_TASK DIRECTIONS:_
The expected output is each line below containing "vertical", copied in full.

>>>

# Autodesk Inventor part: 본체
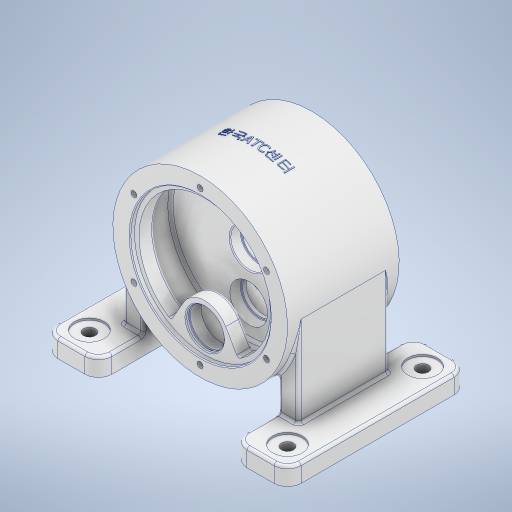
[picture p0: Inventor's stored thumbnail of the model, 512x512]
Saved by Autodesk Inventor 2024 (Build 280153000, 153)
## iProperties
Created: 2025-12
Part Number: 본체
Material: 알루미늄 6061
Document SubType Name: Modeling
Designer: Eud07
Density: 2.7 g/cm^3
Appearance: 알루미늄 - 평지
Mass: 5626.86 g
Surface Area: 3057.42 cm^2
Volume: 2084.02 cm^3
Author: Eud07
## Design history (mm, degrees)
sketch "스케치1"
  geometry: L1 (-97, -62)-(97, -62); L2 (97, -62)-(97, 62); L3 (97, 62)-(-97, 62); L4 (-97, 62)-(-97, -62); L5 (-97, -62)-(97, 62); L6 (97, -62)-(-97, 62); L7 (0, 62)-(0, -62); L8 (78, 62)-(78, 57); L9 (78, 57)-(73, 57); L10 (73, 57)-(73, 40); L11 (73, 40)-(87, 40); L12 (87, 40)-(87, 8); L13 (87, 8)-(0, 8); L14 (97, 0)-(0, 0); L15 (78, -62)-(78, -57); L16 (78, -57)-(73, -57); L17 (73, -57)-(73, -40); L18 (73, -40)-(87, -40); L19 (87, -40)-(87, -8); L20 (87, -8)-(0, -8); 2 further points
  constraints: 40 end point, 7 symmetric about line, 6 perpendicular, 5 midpoint, 2 horizontal, 2 parallel, 2 point on line, 1 vertical
  dimensions: "d0" = 124 distance of L1.end L2.end; "d1" = 97 distance between parallel lines of L7 L2; "d2" = 22 distance between parallel lines of L11 L3; "d3" = 5 distance of L8.start L8.end; "d4" = 32 distance of L11.end L12.end; "d5" = 78 distance between parallel lines of L7 L8; "d6" = 73 distance between parallel lines of L7 L10; "d7" = 87 distance between parallel lines of L7 L12
revolve "회전1" sketch "스케치1" stored, may be unused: angle "d8" = 90 deg
feature "면 삭제1"
sketch "스케치2" dims "d10" = 54
  geometry: L1 (-23.383, -39)-(-61.06, -104.259); L2 (0, 0)-(0, -116.93); L3 (23.383, -39)-(61.06, -104.259); C1 r 73 at (0, 0); 5 further points
  constraints: 6 end point, 2 symmetric about line, 1 centre point, 1 coincident, 1 vertical, 1 vertical alignment, 4 other
  dimensions: "d9" = 146 diameter of C1; "d11" = 52.5 distance of point (0, -52.5) point (0, 0); "d12" = 30 deg angle of L2 L1
extrude "돌출1" cut sketch "스케치2" distance "d13" = 17; taper "d14" = 0 deg
sketch "스케치3"
  geometry: C1 r 21 at (0, 0); C2 r 21 at (0, -52.5); C3 r 19 at (0, 0); C4 r 19 at (0, -52.5); A1 r 27 centre (0, -52.5) between (23.383, -39) and (-23.383, -39) reference; 1 further point
  constraints: 4 centre point, 3 coincident, 1 concentric
  dimensions: "d15" = 42 diameter of C1; "d16" = 42 diameter of C2; "d17" = 38 diameter of C3; "d18" = 38 diameter of C4
extrude "돌출2" cut sketch "스케치3" distance "d19" = 66; taper "d20" = 0 deg
extrude "돌출3" cut sketch "스케치3" extent not by distance; stored distance "d21" = 0; taper "d22" = 0 deg
sketch "스케치4"
  geometry: L1 (-52.5, 76.931)-(-52.5, 27.612); L2 (-87, 8)-(87, 8) reference; L3 (-73.5, 57)-(-31.5, 57) reference; L4 (-31.5, 57)-(-31.5, 40) reference; L5 (-31.5, 53.95)-(-30.25, 53.95); L6 (-30.25, 53.95)-(-30.25, 52); L7 (-30.25, 52)-(-31.5, 52); L8 (-31.5, 52)-(-31.5, 53.95); L9 (-39, 40)-(-25.5, 40) reference; 2 further points
  constraints: 10 end point, 2 parallel, 2 perpendicular, 1 horizontal, 1 point on line
  dimensions: "d23" = 21 distance from line of L3.end L1; "d24" = 1.95 distance of L5.end L6.end; "d25" = 12 distance between parallel lines of L9 L7; "d26" = 22.25 distance between parallel lines of L1 L6
revolve "회전2" sketch "스케치4" stored, may be unused: angle "d27" = 90 deg
node "작업 평면1"
sketch "스케치6"
  geometry: L1 (135, -100)-(75, -100); L2 (75, -100)-(75, 100); L3 (75, 100)-(135, 100); L4 (135, 100)-(135, -100); L5 (135, -100)-(75, 100); L6 (75, -100)-(135, 100); L7 (75, -50)-(97, -50); L8 (97, -50)-(97, 50); L9 (97, 50)-(75, 50); L10 (75, 50)-(75, -50); 3 further points
  constraints: 20 end point, 4 parallel, 2 horizontal, 2 midpoint, 2 perpendicular, 1 horizontal alignment, 1 point on line
  dimensions: "d29" = 60 distance of L2.end L3.end; "d30" = 75 distance from line of point (0, 0) L2; "d31" = 200 distance of L3.end L1.start; "d32" = 22 distance of L8.end L9.end; "d33" = 100 distance of L7.end L8.end; "d34" = 50 distance from line of point (0, 0) L7
extrude "돌출4" join sketch "스케치6" distance "d35" = 20; taper "d36" = 0 deg
extrude "돌출5" join sketch "스케치6" stored distance "d37" = 20; taper "d38" = 0 deg
fillet "모깎기1" dims "d39" = 15
sketch "스케치7"
  geometry: L1 (-135, 85)-(-135, -85) reference; L2 (73, -57)-(-73, -57) reference; 6 further points
  constraints: 2 midpoint
  dimensions: "d40" = 75 vertical distance of point (-135, 0) point (-110, 75); "d41" = 110 horizontal distance of point (0, -57) point (-110, 75)
hole "구멍1" sketch "스케치7" at (-110, 75) diameter "d42" = 13.5; stored, may be unused: countersink angle "d46" = 90 deg, drill point angle "d48" = 118 deg; dims "d43" = 6, "d44" = 33, "d45" = 2, "d47" = 8
sketch "스케치8"
  geometry: L1 (-75, -120)-(-75, -100) reference; L2 (-75, -112)-(-36.6, -89.83); L3 (-75, -100)-(-75, -61.514) reference; L4 (-75, -120)-(-90, -120) reference; A1 r 97 centre (0, 0) between (-36.6, -89.83) and (-75, -61.514) reference; 2 further points
  constraints: 2 end point, 1 coincident, 1 point on circle, 1 point on line
  dimensions: "d49" = 60 deg angle of L2 L3; "d50" = 8 distance from line of L4 point (-75, -112)
feature "리브1" sketch "스케치8" dims "d51" = 1, "d52" = 12, "d53" = 0, "d54" = 0, "d55" = 1, "d56" = 1
sketch "스케치9"
  geometry: 2 further points
  constraints: 1 vertical alignment
  dimensions: "d57" = 85 distance of point (0, 0) point (0, 85)
hole "구멍2" sketch "스케치9" at (0, 85) diameter "d58" = 6.647; stored, may be unused: countersink angle "d62" = 90 deg, drill point angle "d64" = 118 deg; dims "d59" = 16, "d60" = 33, "d61" = 2, "d63" = 18
node "작업 평면2"
sketch "스케치10"
  geometry: 2 further points
  constraints: 1 coincident, 1 other
feature "엠보싱1" sketch "스케치10" dims "d69" = 0.5, "d70" = 0
fillet "모깎기2" dims "d71" = 0.6
fillet "모깎기3" dims "d72" = 3
fillet "모깎기4" dims "d73" = 3
fillet "모깎기5" dims "d74" = 3
chamfer "모따기1" distance "d75" = 1; stored, may be unused: second distance "d76" = 2, angle "d77" = 45 deg
fillet "모깎기6" dims "d78" = 3
fillet "모깎기7" dims "d79" = 3
chamfer "모따기2" distance "d80" = 1; stored, may be unused: second distance "d81" = 2, angle "d82" = 45 deg
chamfer "모따기3" distance "d83" = 1; stored, may be unused: second distance "d84" = 2, angle "d85" = 45 deg
node "솔리드1"
mirror "미러1"
mirror "미러2"
pattern_circular "원형 패턴1" dims angle "d66" = 360 deg
mirror "미러3"
feature "A9D066F2-1C7D-4E18-AEED-F7BC21143FA4" dims "d58" = 6.647, "d59" = 16, "d60" = 33, "d61" = 2, "d62" = 90 deg, "d63" = 18, "d64" = 118 deg
other parameters: "d68" = 160.25

<<<

_REPLY TO THE TASK:_
  constraints: 40 end point, 7 symmetric about line, 6 perpendicular, 5 midpoint, 2 horizontal, 2 parallel, 2 point on line, 1 vertical
  constraints: 6 end point, 2 symmetric about line, 1 centre point, 1 coincident, 1 vertical, 1 vertical alignment, 4 other
  dimensions: "d40" = 75 vertical distance of point (-135, 0) point (-110, 75); "d41" = 110 horizontal distance of point (0, -57) point (-110, 75)
  constraints: 1 vertical alignment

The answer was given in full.